The length hint is used like this (some details omitted):

    /* Guess a result list size. */
    n = PyObject_LengthHint(b, 8);
    if (n < 0) {/* Deal with bad result */}
    m = Py_SIZE(self);
    if (m > PY_SSIZE_T_MAX - n) {
        /* Overflow. Ignore this. */
    }
    else {
        mn = m + n;
        /* Make room. */
        if (list_resize(self, mn) < 0)
            goto error;
        /* Make the list sane again. */
        Py_SIZE(self) = m;
    }

The key point is the call to list_resize. This resizes the list to be big enough to include its existing contents, plus the hinted size of the iterator. Assuming the hint is correct, there will be no need to resize the list as it fills up. Even if it’s slightly off, it should still require fewer resizings, saving time overall.

Should you bother with this?

The above shows that this really is used, and if you implement a __length_hint__ on your iterators it will save some unnecessary work at runtime. But bear in mind that this is quite an edge case. Saving 10 or 20 allocations won’t make a measurable difference. It will only matter if you’re hitting this code thousands, maybe even millions of times in the hot loop of your algorithm.

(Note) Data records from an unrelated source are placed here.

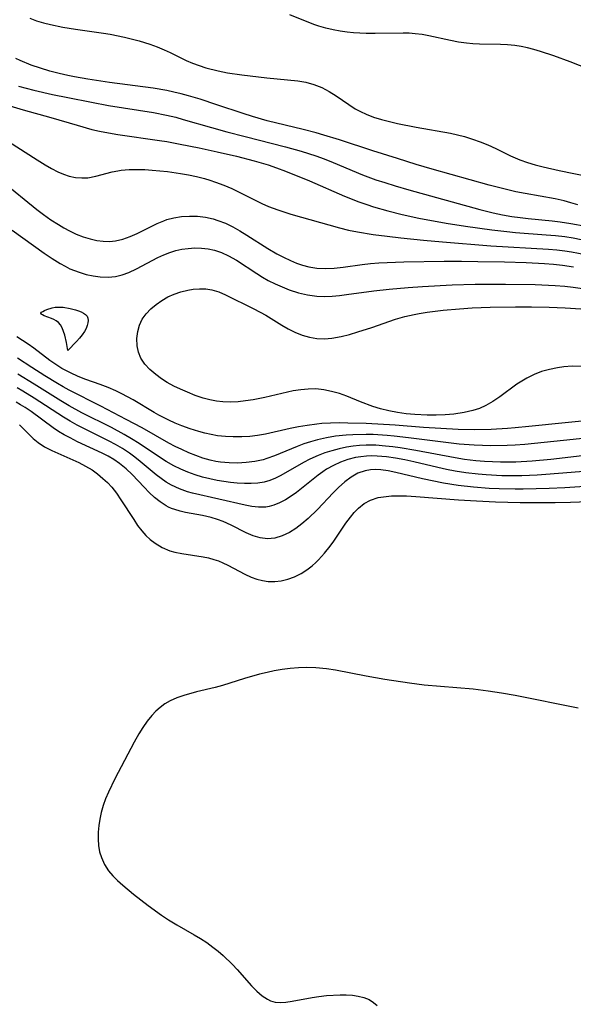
# Model space of a CAD drawing. Header units: inches. Extents: x 1073367 to 1082519, y 1569854 to 1574957.
# Tile 361 of 565: x 1080779 to 1080890, y 1571485 to 1571683. Entities that reach past the tile are written whole.
import ezdxf

# ---------------------------------------------------------------- set-up
doc = ezdxf.new("R2010")
doc.units = ezdxf.units.IN
doc.header["$MEASUREMENT"] = 0
doc.layers.add('CGG_CurvaNivelLidar_v1', color=7, linetype='Continuous', lineweight=30, true_color=0x008008)

msp = doc.modelspace()

# ---------------------------------------------------------------- linework, layer by layer
at = {"layer": 'CGG_CurvaNivelLidar_v1'}
for points in [[(1080780.8267, 1571683.0734, 76.5), (1080782.1644, 1571682.5665, 76.5), (1080783.5718, 1571682.15, 76.5), (1080785.0303, 1571681.7956, 76.5), (1080787.4927, 1571681.2858, 76.5), (1080790.0273, 1571680.8484, 76.5), (1080795.6945, 1571680.1049, 76.5), (1080797.0321, 1571679.8803, 76.5), (1080799.8739, 1571679.289, 76.5), (1080802.8495, 1571678.5207, 76.5), (1080805.0018, 1571677.8485, 76.5), (1080806.4662, 1571677.3221, 76.5), (1080807.8866, 1571676.7509, 76.5), (1080809.0911, 1571676.2122, 76.5), (1080812.3113, 1571674.5739, 76.5), (1080813.5773, 1571674.0254, 76.5), (1080814.9037, 1571673.5453, 76.5), (1080816.2782, 1571673.1218, 76.5), (1080818.7582, 1571672.4937, 76.5), (1080820.5859, 1571672.1292, 76.5), (1080823.4863, 1571671.6966, 76.5), (1080828.4996, 1571671.0952, 76.5), (1080834.7742, 1571670.4843, 76.5), (1080836.3508, 1571670.2127, 76.5), (1080837.9849, 1571669.757, 76.5), (1080839.5505, 1571669.1282, 76.5), (1080841.051, 1571668.3572, 76.5), (1080842.4848, 1571667.4751, 76.5), (1080845.0106, 1571665.7024, 76.5), (1080846.3101, 1571664.8687, 76.5), (1080847.3852, 1571664.291, 76.5), (1080848.5083, 1571663.7781, 76.5), (1080849.9905, 1571663.2091, 76.5), (1080851.5629, 1571662.7107, 76.5), (1080853.1768, 1571662.2779, 76.5), (1080854.8208, 1571661.8926, 76.5), (1080858.5238, 1571661.1428, 76.5), (1080865.4429, 1571659.944, 76.5), (1080866.8659, 1571659.628, 76.5), (1080868.2737, 1571659.2613, 76.5), (1080869.866, 1571658.777, 76.5), (1080871.43, 1571658.2245, 76.5), (1080872.9602, 1571657.6011, 76.5), (1080874.568, 1571656.8546, 76.5), (1080877.5279, 1571655.4109, 76.5), (1080879.3772, 1571654.6072, 76.5), (1080880.9166, 1571654.0542, 76.5), (1080882.4913, 1571653.579, 76.5), (1080884.092, 1571653.1623, 76.5), (1080887.3407, 1571652.441, 76.5), (1080893.2302, 1571651.2223, 76.5)], [(1080894.8391, 1571672.1978, 76.5), (1080889.4907, 1571674.2993, 76.5), (1080886.2326, 1571675.5055, 76.5), (1080883.556, 1571676.3881, 76.5), (1080882.2131, 1571676.7776, 76.5), (1080880.9421, 1571677.103, 76.5), (1080879.667, 1571677.3768, 76.5), (1080878.3865, 1571677.5861, 76.5), (1080876.9417, 1571677.7349, 76.5), (1080875.4918, 1571677.8132, 76.5), (1080871.2743, 1571677.8904, 76.5), (1080869.9596, 1571677.949, 76.5), (1080868.6511, 1571678.0618, 76.5), (1080867.0495, 1571678.2948, 76.5), (1080865.4553, 1571678.6036, 76.5), (1080861.1214, 1571679.5335, 76.5), (1080859.7341, 1571679.7786, 76.5), (1080858.3386, 1571679.9613, 76.5), (1080857.1365, 1571680.0537, 76.5), (1080855.9289, 1571680.0923, 76.5), (1080850.3161, 1571679.9824, 76.5), (1080848.5065, 1571679.9956, 76.5), (1080845.9303, 1571680.1307, 76.5), (1080844.6534, 1571680.2637, 76.5), (1080843.2506, 1571680.4707, 76.5), (1080841.8637, 1571680.7322, 76.5), (1080840.4022, 1571681.0664, 76.5), (1080838.9693, 1571681.4756, 76.5), (1080837.9518, 1571681.8291, 76.5), (1080833.1362, 1571683.7416, 76.5)], [(1080891.0363, 1571645.5645, 76), (1080889.6825, 1571645.969, 76), (1080888.314, 1571646.3249, 76), (1080886.4919, 1571646.7244, 76), (1080880.4595, 1571647.7969, 76), (1080878.6116, 1571648.1655, 76), (1080875.6521, 1571648.8736, 76), (1080873.2173, 1571649.5263, 76), (1080861.7491, 1571652.741, 76), (1080858.527, 1571653.6731, 76), (1080854.7824, 1571654.8285, 76), (1080849.8102, 1571656.4192, 76), (1080843.134, 1571658.6238, 76), (1080839.9983, 1571659.5784, 76), (1080838.4208, 1571660.0225, 76), (1080835.8409, 1571660.6926, 76), (1080828.5859, 1571662.4676, 76), (1080825.6136, 1571663.3102, 76), (1080823.7304, 1571663.9048, 76), (1080818.4826, 1571665.6883, 76), (1080815.0904, 1571666.7878, 76), (1080812.7539, 1571667.4872, 76), (1080811.3064, 1571667.8747, 76), (1080809.8492, 1571668.224, 76), (1080808.3825, 1571668.532, 76), (1080805.6655, 1571668.9914, 76), (1080796.9074, 1571670.1364, 76), (1080792.5085, 1571670.8111, 76), (1080789.8106, 1571671.2988, 76), (1080788.5195, 1571671.5633, 76), (1080786.7538, 1571671.9648, 76), (1080784.8501, 1571672.4575, 76), (1080782.9738, 1571673.0153, 76), (1080781.1335, 1571673.6503, 76), (1080778.8915, 1571674.5862, 76), (1080778.0488, 1571674.9965, 76)], [(1080778.5578, 1571669.42, 75.5), (1080781.6365, 1571668.6299, 75.5), (1080785.4453, 1571667.7694, 75.5), (1080788.4764, 1571667.1389, 75.5), (1080793.2714, 1571666.1886, 75.5), (1080796.6985, 1571665.5466, 75.5), (1080805.7069, 1571664.1148, 75.5), (1080808.3596, 1571663.5943, 75.5), (1080810.2129, 1571663.1452, 75.5), (1080811.726, 1571662.7355, 75.5), (1080817.4031, 1571661.0972, 75.5), (1080820.4767, 1571660.2536, 75.5), (1080824.1708, 1571659.2781, 75.5), (1080832.2859, 1571657.2017, 75.5), (1080835.4438, 1571656.3136, 75.5), (1080838.3449, 1571655.3964, 75.5), (1080840.0672, 1571654.7801, 75.5), (1080841.832, 1571654.0862, 75.5), (1080847.7353, 1571651.6064, 75.5), (1080850.4596, 1571650.6003, 75.5), (1080852.2507, 1571650.0038, 75.5), (1080854.2963, 1571649.366, 75.5), (1080857.092, 1571648.5481, 75.5), (1080871.3533, 1571644.6101, 75.5), (1080874.0623, 1571643.9316, 75.5), (1080875.908, 1571643.5416, 75.5), (1080877.7652, 1571643.2167, 75.5), (1080879.4569, 1571642.9808, 75.5), (1080881.0669, 1571642.7973, 75.5), (1080885.9075, 1571642.3166, 75.5), (1080887.5173, 1571642.1273, 75.5), (1080889.6704, 1571641.8057, 75.5), (1080892.658, 1571641.2268, 75.5)], [(1080776.8128, 1571665.4427, 75), (1080779.5213, 1571664.6347, 75), (1080785.0917, 1571663.0855, 75), (1080790.3427, 1571661.5394, 75), (1080793.3516, 1571660.7279, 75), (1080794.8689, 1571660.3721, 75), (1080796.7011, 1571660.0138, 75), (1080798.5483, 1571659.7097, 75), (1080806.964, 1571658.5033, 75), (1080808.4336, 1571658.2619, 75), (1080811.105, 1571657.7656, 75), (1080814.93, 1571657, 75), (1080818.5027, 1571656.228, 75), (1080822.4434, 1571655.3106, 75), (1080825.9481, 1571654.4177, 75), (1080828.8193, 1571653.5765, 75), (1080830.4932, 1571653.0138, 75), (1080832.2868, 1571652.3415, 75), (1080837.1156, 1571650.3458, 75), (1080844.1115, 1571647.3086, 75), (1080847.0459, 1571646.1562, 75), (1080848.6395, 1571645.5887, 75), (1080849.9531, 1571645.1604, 75), (1080852.8271, 1571644.3317, 75), (1080855.7339, 1571643.6092, 75), (1080859.07, 1571642.8916, 75), (1080864.6109, 1571641.8613, 75), (1080868.4857, 1571641.2495, 75), (1080873.7409, 1571640.5067, 75), (1080876.8096, 1571640.1474, 75), (1080878.5213, 1571639.9869, 75), (1080884.6637, 1571639.5325, 75), (1080886.5504, 1571639.3629, 75), (1080888.4297, 1571639.1427, 75), (1080890.0933, 1571638.8889, 75), (1080891.75, 1571638.5868, 75)], [(1080771.4918, 1571661.5071, 74.5), (1080782.3472, 1571654.5809, 74.5), (1080783.9445, 1571653.599, 74.5), (1080785.23, 1571652.8603, 74.5), (1080786.5148, 1571652.1972, 74.5), (1080787.6466, 1571651.7011, 74.5), (1080788.7891, 1571651.3146, 74.5), (1080790.0374, 1571651.0496, 74.5), (1080791.2929, 1571650.9442, 74.5), (1080792.5413, 1571650.9992, 74.5), (1080794.1597, 1571651.2984, 74.5), (1080797.4354, 1571652.1756, 74.5), (1080798.5551, 1571652.3997, 74.5), (1080799.2133, 1571652.4973, 74.5), (1080800.8192, 1571652.6409, 74.5), (1080802.4578, 1571652.6723, 74.5), (1080803.9666, 1571652.618, 74.5), (1080805.4875, 1571652.511, 74.5), (1080808.5512, 1571652.2303, 74.5), (1080811.1266, 1571651.8718, 74.5), (1080812.7455, 1571651.5714, 74.5), (1080814.3594, 1571651.217, 74.5), (1080815.9629, 1571650.8079, 74.5), (1080817.0833, 1571650.484, 74.5), (1080818.1928, 1571650.1242, 74.5), (1080819.8591, 1571649.4984, 74.5), (1080821.4968, 1571648.7946, 74.5), (1080823.1087, 1571648.0311, 74.5), (1080827.5447, 1571645.8049, 74.5), (1080828.8682, 1571645.2109, 74.5), (1080830.7078, 1571644.5032, 74.5), (1080833.3741, 1571643.6531, 74.5), (1080843.1591, 1571640.8989, 74.5), (1080844.9546, 1571640.4594, 74.5), (1080846.7395, 1571640.1041, 74.5), (1080849.9335, 1571639.5957, 74.5), (1080852.7328, 1571639.2136, 74.5), (1080855.4984, 1571638.8783, 74.5), (1080860.0272, 1571638.4158, 74.5), (1080863.8477, 1571638.0857, 74.5), (1080873.5419, 1571637.3206, 74.5), (1080885.1775, 1571636.6097, 74.5), (1080886.8097, 1571636.4686, 74.5), (1080888.4358, 1571636.2847, 74.5), (1080889.7697, 1571636.0932, 74.5), (1080892.6333, 1571635.5769, 74.5)], [(1080775.3799, 1571650.2186, 74), (1080782.2458, 1571644.6342, 74), (1080783.6145, 1571643.5899, 74), (1080785.0934, 1571642.5393, 74), (1080786.5987, 1571641.5572, 74), (1080787.6958, 1571640.9011, 74), (1080788.8092, 1571640.2988, 74), (1080790.1908, 1571639.6539, 74), (1080791.594, 1571639.112, 74), (1080793.0108, 1571638.6809, 74), (1080794.3624, 1571638.3857, 74), (1080795.6214, 1571638.2214, 74), (1080796.8712, 1571638.1809, 74), (1080798.1052, 1571638.2859, 74), (1080799.5827, 1571638.6288, 74), (1080801.0361, 1571639.1559, 74), (1080802.474, 1571639.8038, 74), (1080806.4362, 1571641.7673, 74), (1080807.779, 1571642.3379, 74), (1080808.407, 1571642.5647, 74), (1080809.7866, 1571642.9431, 74), (1080811.3509, 1571643.1934, 74), (1080812.9436, 1571643.2884, 74), (1080814.5489, 1571643.2387, 74), (1080816.1519, 1571643.045, 74), (1080817.7374, 1571642.6986, 74), (1080818.6785, 1571642.4095, 74), (1080820.18, 1571641.8223, 74), (1080821.6535, 1571641.1189, 74), (1080823.1023, 1571640.3273, 74), (1080824.528, 1571639.4693, 74), (1080828.7433, 1571636.7578, 74), (1080830.5313, 1571635.713, 74), (1080831.8924, 1571634.9804, 74), (1080833.2725, 1571634.316, 74), (1080834.4858, 1571633.8183, 74), (1080835.7179, 1571633.4017, 74), (1080836.9672, 1571633.076, 74), (1080838.593, 1571632.8126, 74), (1080840.3149, 1571632.738, 74), (1080842.0702, 1571632.8252, 74), (1080843.8405, 1571633.0174, 74), (1080847.6916, 1571633.5445, 74), (1080849.381, 1571633.7216, 74), (1080851.0401, 1571633.8515, 74), (1080852.7103, 1571633.9494, 74), (1080856.0733, 1571634.0749, 74), (1080864.2109, 1571634.2071, 74), (1080867.6488, 1571634.2147, 74), (1080870.9532, 1571634.1716, 74), (1080876.3074, 1571634.0556, 74), (1080880.6972, 1571633.9224, 74), (1080884.365, 1571633.7427, 74), (1080886.1903, 1571633.5993, 74), (1080888.0071, 1571633.3991, 74), (1080890.2107, 1571633.0539, 74)], [(1080777.3234, 1571640.4152, 73.5), (1080783.7617, 1571635.8247, 73.5), (1080785.3478, 1571634.7475, 73.5), (1080786.9476, 1571633.7437, 73.5), (1080787.9623, 1571633.1734, 73.5), (1080788.9321, 1571632.6982, 73.5), (1080789.8364, 1571632.3145, 73.5), (1080790.7541, 1571631.9776, 73.5), (1080792.1678, 1571631.554, 73.5), (1080793.5947, 1571631.2416, 73.5), (1080795.0252, 1571631.0512, 73.5), (1080796.5784, 1571631.004, 73.5), (1080798.1113, 1571631.1552, 73.5), (1080799.4527, 1571631.4796, 73.5), (1080800.7668, 1571631.9571, 73.5), (1080802.2897, 1571632.6697, 73.5), (1080806.6273, 1571634.9634, 73.5), (1080807.7929, 1571635.5006, 73.5), (1080808.9809, 1571635.9635, 73.5), (1080810.2064, 1571636.3329, 73.5), (1080811.4522, 1571636.6057, 73.5), (1080812.7098, 1571636.7865, 73.5), (1080814.0474, 1571636.8773, 73.5), (1080815.3756, 1571636.8558, 73.5), (1080816.6901, 1571636.7135, 73.5), (1080817.9808, 1571636.4372, 73.5), (1080819.4084, 1571635.9496, 73.5), (1080820.7958, 1571635.3061, 73.5), (1080822.3929, 1571634.3924, 73.5), (1080826.4751, 1571631.696, 73.5), (1080827.6323, 1571630.9892, 73.5), (1080828.8182, 1571630.3262, 73.5), (1080830.1851, 1571629.6378, 73.5), (1080831.58, 1571629.0145, 73.5), (1080832.9986, 1571628.4614, 73.5), (1080834.8681, 1571627.8623, 73.5), (1080836.6937, 1571627.4317, 73.5), (1080838.5416, 1571627.1787, 73.5), (1080840.1014, 1571627.1251, 73.5), (1080841.6735, 1571627.1882, 73.5), (1080843.1116, 1571627.3178, 73.5), (1080844.5569, 1571627.4951, 73.5), (1080850.0543, 1571628.2693, 73.5), (1080853.0932, 1571628.601, 73.5), (1080856.9387, 1571628.9324, 73.5), (1080859.8482, 1571629.1419, 73.5), (1080865.7833, 1571629.4669, 73.5), (1080870.4248, 1571629.5959, 73.5), (1080876.5141, 1571629.5952, 73.5), (1080882.4799, 1571629.497, 73.5), (1080886.4886, 1571629.3155, 73.5), (1080888.4576, 1571629.1556, 73.5), (1080890.1378, 1571628.9681, 73.5), (1080893.5079, 1571628.4863, 73.5)], [(1080891.7702, 1571613.0492, 73), (1080889.9293, 1571613.0502, 73), (1080888.2393, 1571612.9421, 73), (1080886.9639, 1571612.767, 73), (1080885.3501, 1571612.4317, 73), (1080883.7748, 1571611.9775, 73), (1080882.2501, 1571611.4013, 73), (1080880.7908, 1571610.6926, 73), (1080879.7845, 1571610.0938, 73), (1080878.8092, 1571609.4391, 73), (1080875.3686, 1571606.8976, 73), (1080873.9965, 1571605.9561, 73), (1080872.5662, 1571605.1395, 73), (1080871.2752, 1571604.5836, 73), (1080869.926, 1571604.1487, 73), (1080868.1963, 1571603.7524, 73), (1080866.1543, 1571603.4557, 73), (1080864.379, 1571603.306, 73), (1080862.5827, 1571603.235, 73), (1080860.775, 1571603.2351, 73), (1080858.2953, 1571603.3496, 73), (1080856.5265, 1571603.5143, 73), (1080854.7737, 1571603.7515, 73), (1080853.0458, 1571604.0725, 73), (1080851.3534, 1571604.4946, 73), (1080849.8083, 1571604.9874, 73), (1080847.3697, 1571605.9081, 73), (1080844.6043, 1571607.0335, 73), (1080843.1237, 1571607.5648, 73), (1080841.5535, 1571608.0137, 73), (1080839.9606, 1571608.3316, 73), (1080838.35, 1571608.4929, 73), (1080836.855, 1571608.4846, 73), (1080835.3523, 1571608.3486, 73), (1080833.8458, 1571608.113, 73), (1080831.5123, 1571607.6017, 73), (1080828.1485, 1571606.7742, 73), (1080825.7794, 1571606.3121, 73), (1080824.2515, 1571606.089, 73), (1080822.7219, 1571605.9345, 73), (1080821.1963, 1571605.8647, 73), (1080819.6809, 1571605.9002, 73), (1080818.4182, 1571606.0302, 73), (1080817.0531, 1571606.2902, 73), (1080815.7084, 1571606.6557, 73), (1080814.1251, 1571607.2, 73), (1080812.5641, 1571607.821, 73), (1080811.1688, 1571608.4246, 73), (1080809.8061, 1571609.0749, 73), (1080808.4969, 1571609.7903, 73), (1080807.3059, 1571610.5542, 73), (1080806.1904, 1571611.3782, 73), (1080804.9959, 1571612.4025, 73), (1080803.9674, 1571613.5047, 73), (1080803.17, 1571614.7106, 73), (1080802.6994, 1571615.8978, 73), (1080802.4432, 1571617.1567, 73), (1080802.3819, 1571618.6161, 73), (1080802.5537, 1571620.075, 73), (1080802.9114, 1571621.3358, 73), (1080803.4742, 1571622.5221, 73), (1080804.2541, 1571623.6104, 73), (1080805.207, 1571624.6018, 73), (1080806.2866, 1571625.5094, 73), (1080807.4105, 1571626.3037, 73), (1080808.611, 1571626.9997, 73), (1080809.906, 1571627.5812, 73), (1080811.2533, 1571628.0389, 73), (1080812.6297, 1571628.3787, 73), (1080813.7364, 1571628.5636, 73), (1080815.005, 1571628.6679, 73), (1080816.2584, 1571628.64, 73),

My guess is that this is worth doing for any iterator where it’s easy to write code (say 2 or 3 lines) to generate a decent hint. If it’s more than that, wait until you’ve proven that this is something your code is hitting enough times to justify the effort.

An exception to this might be if you’re writing library code to be used by lots of different people. In that case, you can’t know how your code might be used and the payoff of your efforts could be multiplied by the number of users who end up using it. But the more generic your code is, the harder it is likely to be to write a decent length hint method.